● PROBLEM DETAILS: Search each line of the data for the word "layer"; copy every line where it is found.

Stored entries:
-*-*-

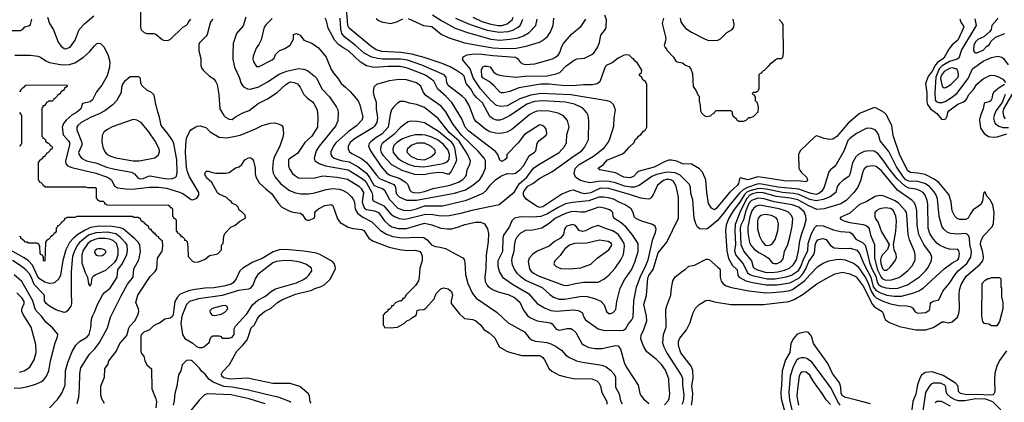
# Model space of a CAD drawing. Extents: x 997026 to 1115308, y 536381 to 619039.
# Tile 461 of 484: x 1093627 to 1104468, y 562737 to 566947. Entities that reach past the tile are written whole.
import ezdxf

# ---------------------------------------------------------------- set-up
doc = ezdxf.new("R2010")
doc.units = 0

msp = doc.modelspace()

# ---------------------------------------------------------------- linework, layer by layer
at = {"layer": '0CON20XD'}
for points in [[(1094956, 567155), (1094957, 566865), (1094966, 566836), (1094996, 566806), (1095025, 566797), (1095105, 566796), (1095125, 566790), (1095195, 566728), (1095211, 566721), (1095253, 566717), (1095285, 566728), (1095424, 566866), (1095463, 566887), (1095475, 566900), (1095482, 566918), (1095510, 566955)], [(1093935, 566975), (1093956, 566906), (1094000, 566835), (1094050, 566700), (1094085, 566656), (1094115, 566630), (1094135, 566628), (1094183, 566647), (1094237, 566723), (1094281, 566839), (1094345, 566906), (1094445, 566991)], [(1096118, 566975), (1096089, 566881), (1096013, 566795), (1095976, 566685), (1095972, 566572), (1095972, 566515), (1095993, 566425), (1096042, 566315), (1096066, 566245), (1096090, 566210), (1096135, 566186), (1096165, 566182), (1096260, 566210), (1096355, 566263), (1096482, 566348), (1096565, 566382), (1096695, 566411), (1096755, 566403), (1096797, 566387), (1096870, 566330), (1096899, 566299), (1096955, 566185), (1097037, 566097), (1097115, 565986), (1097129, 565955), (1097133, 565927), (1097128, 565835), (1097103, 565775), (1096925, 565556), (1096890, 565505), (1096869, 565425), (1096877, 565395), (1096924, 565364), (1096995, 565339), (1097245, 565294), (1097385, 565209), (1097421, 565181), (1097445, 565153), (1097503, 565045), (1097513, 565015), (1097511, 564971), (1097517, 564955), (1097635, 564898), (1097715, 564806), (1097755, 564780), (1097805, 564760), (1097865, 564754), (1097905, 564758), (1098095, 564808), (1098175, 564803), (1098265, 564789), (1098356, 564794), (1098485, 564819), (1098625, 564857), (1098905, 564914), (1099075, 565052), (1099128, 565142), (1099212, 565215), (1099285, 565315), (1099342, 565355), (1099565, 565485), (1099629, 565555), (1099647, 565597), (1099652, 565685), (1099677, 565765), (1099658, 565838), (1099615, 565888), (1099555, 565919), (1099455, 565941), (1099375, 565946), (1099325, 565941), (1099283, 565927), (1099245, 565906), (1099045, 565740), (1098989, 565711), (1098925, 565695), (1098865, 565699), (1098804, 565714), (1098760, 565740), (1098657, 565825), (1098635, 565851), (1098575, 566005), (1098535, 566072), (1098503, 566103), (1098344, 566225), (1098329, 566255), (1098323, 566315), (1098299, 566339), (1098056, 566446), (1097895, 566503), (1097825, 566512), (1097625, 566513), (1097565, 566519), (1097505, 566534), (1097420, 566580), (1097319, 566669), (1097208, 566755), (1097175, 566796), (1097163, 566845), (1097156, 566965)], [(1096405, 566960), (1096341, 566895), (1096320, 566865), (1096284, 566726), (1096259, 566675), (1096229, 566635), (1096198, 566545), (1096193, 566515), (1096201, 566485), (1096235, 566434), (1096265, 566432), (1096405, 566506), (1096430, 566525), (1096444, 566566), (1096484, 566606), (1096548, 566632), (1096605, 566666), (1096640, 566735), (1096642, 566785), (1096675, 566796), (1096715, 566779), (1096754, 566724), (1096845, 566689), (1096917, 566637), (1097003, 566535), (1097055, 566401), (1097085, 566354), (1097128, 566305), (1097165, 566244), (1097215, 566206), (1097265, 566156), (1097352, 566055), (1097372, 566012), (1097406, 565875), (1097395, 565841), (1097335, 565778), (1097245, 565715), (1097106, 565594), (1097085, 565564), (1097051, 565495), (1097052, 565465), (1097065, 565444), (1097090, 565425), (1097165, 565399), (1097255, 565384), (1097355, 565329), (1097447, 565257), (1097480, 565210), (1097525, 565125), (1097574, 565104), (1097620, 565090), (1097645, 565073), (1097699, 564969), (1097792, 564875), (1097852, 564852), (1097922, 564848), (1097995, 564865), (1098085, 564899), (1098281, 564899), (1098545, 564962), (1098730, 565040), (1098767, 565073), (1098810, 565130), (1098865, 565185), (1098923, 565227), (1098995, 565256), (1099055, 565253), (1099085, 565259), (1099134, 565296), (1099175, 565338), (1099235, 565449), (1099295, 565488), (1099309, 565505), (1099326, 565585), (1099342, 565615), (1099424, 565676), (1099431, 565695), (1099422, 565745), (1099396, 565775), (1099365, 565790), (1099345, 565786), (1099185, 565686), (1099115, 565594), (1098990, 565465), (1098990, 565425), (1098970, 565405), (1098935, 565387), (1098915, 565403), (1098892, 565465), (1098867, 565497), (1098571, 565721), (1098533, 565765), (1098496, 565856), (1098386, 566035), (1098317, 566107), (1098232, 566182), (1098185, 566270), (1098105, 566329), (1098075, 566346), (1097895, 566414), (1097815, 566431), (1097685, 566434), (1097525, 566421), (1097445, 566439), (1097380, 566480), (1097246, 566605), (1097208, 566628), (1097141, 566671), (1097097, 566717), (1097024, 566854), (1097005, 566935), (1096990, 566965)], [(1100725, 562708), (1100766, 562754), (1100778, 562778), (1100786, 562835), (1100776, 562905), (1100775, 562995), (1100739, 563089), (1100692, 563155), (1100640, 563210), (1100533, 563293), (1100496, 563355), (1100467, 563435), (1100471, 563479), (1100495, 563527), (1100530, 563635), (1100528, 563685), (1100500, 563815), (1100528, 563912), (1100543, 564105), (1100555, 564133), (1100603, 564197), (1100657, 564383), (1100751, 564499), (1100879, 564765), (1100879, 564995), (1100854, 565115), (1100825, 565166), (1100805, 565180), (1100775, 565190), (1100745, 565190), (1100715, 565177), (1100651, 565125), (1100601, 565019), (1100580, 564990), (1100565, 564978), (1100545, 564972), (1100465, 564984), (1100342, 565025), (1100115, 565089), (1100025, 565092), (1099995, 565084), (1099965, 565068), (1099915, 565042), (1099845, 565033), (1099815, 565038), (1099725, 565070), (1099685, 565065), (1099595, 565029), (1099385, 564890), (1099355, 564880), (1099318, 564895), (1099205, 564971), (1099175, 565015), (1099175, 565045), (1099183, 565065), (1099223, 565115), (1099275, 565145), (1099355, 565205), (1099485, 565275), (1099731, 565449), (1099795, 565488), (1099825, 565515), (1099851, 565549), (1099890, 565630), (1099893, 565835), (1099886, 565895), (1099873, 565923), (1099834, 565965), (1099805, 565986), (1099735, 566018), (1099635, 566041), (1099385, 566056), (1099295, 566049), (1099211, 566019), (1099026, 565894), (1098945, 565852), (1098915, 565842), (1098875, 565842), (1098835, 565857), (1098805, 565881), (1098724, 566034), (1098655, 566092), (1098625, 566132), (1098589, 566189), (1098541, 566245), (1098521, 566325), (1098502, 566345), (1098435, 566389), (1098365, 566428), (1098277, 566467), (1098082, 566532), (1097945, 566570), (1097825, 566587), (1097616, 566596), (1097550, 566615), (1097492, 566655), (1097255, 566854), (1097238, 566885), (1097236, 566935), (1097224, 567065)], [(1097905, 566959), (1098073, 566883), (1098165, 566873), (1098269, 566789), (1098345, 566752), (1098525, 566693), (1098709, 566659), (1098835, 566637), (1098965, 566630), (1099094, 566636), (1099205, 566655), (1099351, 566699), (1099383, 566717), (1099438, 566762), (1099468, 566805), (1099500, 566885), (1099509, 566965)], [(1098171, 567001), (1098273, 566935), (1098423, 566853), (1098545, 566809), (1098815, 566734), (1098915, 566724), (1099025, 566732), (1099115, 566748), (1099175, 566769), (1099235, 566808), (1099308, 566882), (1099325, 566955)], [(1098425, 566965), (1098585, 566895), (1098775, 566832), (1098905, 566809), (1099005, 566818), (1099056, 566834), (1099114, 566866), (1099136, 566885), (1099155, 566924), (1099165, 566955)], [(1098615, 566975), (1098715, 566929), (1098815, 566897), (1098895, 566883)], [(1101022, 562705), (1101032, 562745), (1101037, 562833), (1101029, 562915), (1101041, 563005), (1101038, 563088), (1101020, 563135), (1100905, 563282), (1100886, 563335), (1100879, 563375), (1100882, 563405), (1100896, 563444), (1100968, 563535), (1101008, 563615), (1101039, 563715), (1101068, 563772), (1101108, 563812), (1101183, 563857), (1101215, 563861), (1101275, 563843), (1101455, 563813), (1101815, 563813), (1102095, 563848), (1102155, 563869), (1102253, 563927), (1102405, 564041), (1102541, 564119), (1102605, 564150), (1102685, 564168), (1102765, 564150), (1102835, 564117), (1102912, 564015), (1103015, 563815), (1103039, 563789), (1103121, 563735), (1103133, 563715), (1103147, 563665), (1103161, 563645), (1103204, 563615), (1103315, 563570), (1103495, 563533), (1103605, 563536), (1103685, 563562), (1103785, 563621), (1103805, 563623), (1103855, 563613), (1103895, 563623), (1103952, 563675), (1103967, 563714), (1103973, 563765), (1103970, 563915), (1103976, 563975), (1103992, 564035), (1104046, 564124), (1104197, 564253), (1104230, 564295), (1104240, 564325), (1104238, 564342), (1104227, 564405), (1104205, 564475), (1104208, 564505), (1104235, 564565), (1104335, 564668), (1104347, 564705), (1104357, 564825), (1104341, 564911), (1104313, 564965), (1104274, 565004), (1104255, 565048), (1104245, 565050), (1104237, 565035), (1104226, 564956), (1104211, 564919), (1104185, 564895), (1104125, 564855), (1104093, 564807), (1104068, 564765), (1104045, 564747), (1103975, 564747), (1103948, 564758), (1103924, 564784), (1103894, 564844), (1103882, 564945), (1103855, 565025), (1103746, 565156), (1103695, 565193), (1103595, 565243), (1103515, 565260), (1103435, 565265), (1103405, 565284), (1103318, 565458), (1103244, 565675), (1103231, 565785), (1103166, 565906), (1103145, 565926), (1103060, 565975), (1103035, 565980), (1102874, 565915), (1102750, 565810), (1102625, 565664), (1102578, 565632), (1102545, 565630), (1102485, 565640), (1102405, 565669), (1102385, 565662), (1102219, 565505), (1102200, 565465), (1102204, 565315), (1102215, 565290), (1102235, 565266), (1102291, 565215), (1102300, 565185), (1102292, 565168), (1102275, 565164), (1102205, 565173), (1102125, 565169), (1102045, 565174), (1101858, 565202), (1101755, 565220), (1101645, 565186), (1101563, 565207), (1101552, 565195), (1101542, 565145), (1101529, 565125), (1101445, 565050), (1101295, 564869), (1101275, 564856), (1101244, 564875), (1101212, 564925), (1101191, 565045), (1101182, 565185), (1101145, 565270), (1101110, 565305), (1101025, 565359), (1100925, 565363), (1100862, 565392), (1100805, 565401), (1100775, 565400), (1100735, 565388), (1100613, 565323), (1100448, 565282), (1100425, 565266), (1100385, 565221), (1100345, 565207), (1100279, 565215), (1100185, 565263), (1100015, 565296), (1100000, 565305), (1099997, 565315), (1100055, 565355), (1100100, 565405), (1100255, 565468), (1100285, 565487), (1100336, 565544), (1100392, 565595), (1100405, 565630), (1100426, 565644), (1100440, 565665), (1100466, 565684), (1100495, 565720), (1100516, 565734), (1100530, 565765), (1100530, 566235), (1100516, 566266), (1100487, 566287), (1100475, 566310), (1100450, 566335), (1100452, 566348), (1100472, 566368), (1100477, 566393), (1100429, 566469), (1100400, 566495), (1100386, 566516), (1100375, 566520), (1100337, 566557), (1100295, 566560), (1100275, 566553), (1100215, 566526), (1100149, 566471), (1100092, 566448), (1100072, 566428), (1100016, 566265), (1099985, 566240), (1099935, 566229), (1099835, 566229), (1099715, 566220), (1099595, 566223), (1099455, 566238), (1099365, 566237), (1099121, 566199), (1099025, 566158), (1098955, 566141), (1098935, 566141), (1098915, 566150), (1098850, 566220), (1098796, 566266), (1098731, 566305), (1098715, 566322), (1098712, 566395), (1098725, 566428), (1098745, 566437), (1098775, 566437), (1098808, 566428), (1098845, 566375), (1098865, 566355), (1098895, 566341), (1098955, 566328), (1099095, 566314), (1099185, 566325), (1099435, 566329), (1099535, 566352), (1099575, 566368), (1099645, 566440), (1099741, 566509), (1099765, 566517), (1099845, 566524), (1099927, 566563), (1099951, 566585), (1099988, 566642), (1100012, 566698), (1100024, 566776), (1100078, 566845), (1100083, 566865), (1100086, 566945), (1100068, 566998)], [(1098895, 566883), (1098935, 566884), (1098995, 566902), (1099048, 566945), (1099061, 566975)], [(1100714, 566965), (1100700, 566905), (1100740, 566745), (1100739, 566715), (1100723, 566663), (1100732, 566642), (1100750, 566625), (1100752, 566612), (1100827, 566535), (1100850, 566490), (1100865, 566482), (1100924, 566474), (1100956, 566446), (1100994, 566434), (1101015, 566408), (1101036, 566355), (1101041, 566211), (1101074, 566164), (1101092, 566122), (1101107, 566107), (1101108, 566055), (1101120, 566005), (1101123, 565943), (1101132, 565922), (1101162, 565892), (1101185, 565882), (1101232, 565888), (1101265, 565920), (1101278, 565922), (1101280, 565935), (1101295, 565948), (1101455, 565948), (1101470, 565935), (1101470, 565905), (1101480, 565895), (1101482, 565882), (1101495, 565880), (1101520, 565855), (1101522, 565842), (1101535, 565840), (1101545, 565830), (1101595, 565830), (1101627, 565843), (1101655, 565870), (1101675, 565870), (1101710, 565885), (1101757, 565933), (1101762, 565985), (1101752, 566032), (1101730, 566055), (1101730, 566095), (1101720, 566105), (1101718, 566118), (1101705, 566120), (1101690, 566135), (1101705, 566150), (1101735, 566150), (1101742, 566158), (1101758, 566162), (1101760, 566175), (1101770, 566185), (1101770, 566345), (1101785, 566360), (1101798, 566362), (1101800, 566375), (1101815, 566390), (1101828, 566392), (1101875, 566438), (1101900, 566470), (1101945, 566507), (1101971, 566519), (1102015, 566522), (1102028, 566535), (1102036, 566575), (1102033, 566893), (1102023, 566913), (1101989, 566949)], [(1100898, 566965), (1100907, 566925), (1100935, 566879), (1100962, 566852), (1101025, 566810), (1101175, 566732), (1101215, 566720), (1101315, 566722), (1101343, 566737), (1101413, 566805), (1101472, 566838), (1101491, 566865), (1101494, 566894), (1101481, 566955)], [(1104392, 566965), (1104384, 566945), (1104331, 566885), (1104322, 566838), (1104306, 566814), (1104242, 566758), (1104175, 566729), (1104149, 566705), (1104132, 566665), (1104128, 566615), (1104134, 566595), (1104153, 566583), (1104165, 566583), (1104235, 566611), (1104274, 566656), (1104303, 566675), (1104321, 566709), (1104370, 566755), (1104475, 566797)], [(1093505, 566830), (1093635, 566830), (1093669, 566851), (1093685, 566868), (1093738, 566885), (1093747, 566895), (1093761, 566955)], [(1095727, 566923), (1095691, 566785), (1095679, 566765), (1095608, 566692), (1095600, 566675), (1095600, 566605), (1095620, 566520), (1095622, 566442), (1095632, 566412), (1095650, 566390), (1095715, 566327), (1095765, 566296), (1095788, 566265), (1095800, 566235), (1095819, 566125), (1095830, 565965), (1095875, 565893), (1095893, 565875), (1095935, 565852), (1095965, 565850), (1096002, 565878), (1096085, 565921), (1096155, 565948), (1096253, 566027), (1096355, 566077), (1096462, 566148), (1096555, 566231), (1096580, 566250), (1096608, 566262), (1096648, 566258), (1096685, 566242), (1096714, 566205), (1096755, 566125), (1096796, 566085), (1096850, 566045), (1096866, 566025), (1096904, 565955), (1096910, 565880), (1096906, 565765), (1096845, 565665), (1096768, 565595), (1096685, 565476), (1096611, 565429), (1096588, 565405), (1096588, 565335), (1096598, 565305), (1096631, 565255), (1096652, 565235), (1096695, 565209), (1096723, 565203), (1096875, 565209), (1096965, 565230), (1097124, 565216), (1097235, 565191), (1097361, 565115), (1097385, 565089), (1097411, 565045), (1097399, 564945), (1097407, 564905), (1097425, 564875), (1097445, 564860), (1097535, 564845), (1097577, 564827), (1097642, 564735), (1097690, 564690), (1097725, 564668), (1097795, 564649), (1097885, 564651), (1098085, 564709), (1098165, 564691), (1098265, 564654), (1098335, 564645), (1098385, 564646), (1098458, 564668), (1098528, 564692), (1098645, 564719), (1098705, 564719), (1098745, 564701), (1098778, 564645), (1098787, 564595), (1098786, 564505), (1098762, 564355), (1098761, 564205), (1098747, 564115), (1098752, 564065), (1098769, 564029), (1098785, 564011), (1098839, 563975), (1098905, 563950), (1099005, 563925), (1099075, 563891), (1099135, 563840), (1099175, 563752), (1099216, 563695), (1099245, 563669), (1099324, 563634), (1099471, 563611), (1099489, 563599), (1099533, 563543), (1099565, 563532), (1099655, 563551), (1099695, 563548), (1099715, 563540), (1099749, 563505), (1099816, 563385), (1099841, 563365), (1099895, 563342), (1099965, 563330), (1100035, 563330), (1100185, 563364), (1100215, 563359), (1100242, 563322), (1100285, 563164), (1100311, 563115), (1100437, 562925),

-*-*-

● FINAL ANSWER:
# ---------------------------------------------------------------- linework, layer by layer
at = {"layer": '0CON20XD'}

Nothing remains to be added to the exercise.